Через полчаса Юрасик с ног до головы был утыкан тонюсенькими, золотыми, как сказал Равшан, иголками. Особенно досталось ушам и предплечьям, и Юрасик подумал, что он сейчас похож на дикобраза. Золотого… Как из восточной сказки.
— Полежите так полчасочка, — сказал Равшан. — Только не двигайтесь.
— Да куда ж тут…
— И не разговаривайте.
Равшан вышел, а снова отплывший в никуда Юрасик, как сквозь тонкое марево, слышал, как он что-то обсуждает с Леной в коридоре.

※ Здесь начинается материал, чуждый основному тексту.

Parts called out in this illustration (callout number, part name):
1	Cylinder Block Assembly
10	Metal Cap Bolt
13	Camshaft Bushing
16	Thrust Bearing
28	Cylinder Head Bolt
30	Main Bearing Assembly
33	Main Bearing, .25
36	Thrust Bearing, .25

«А как я теперь Ленке объясню, что нужно забрать у меня из кабинета этого писклявчика? Она ж подумает, что я опять брежу… А, ладно, она поймет… Знает же, что может быть в нашем деле».
Откуда-то потянуло сладким, малиновым запахом. Юрасик очнулся оттого, что врач осторожно вынимал из него золотые прутики.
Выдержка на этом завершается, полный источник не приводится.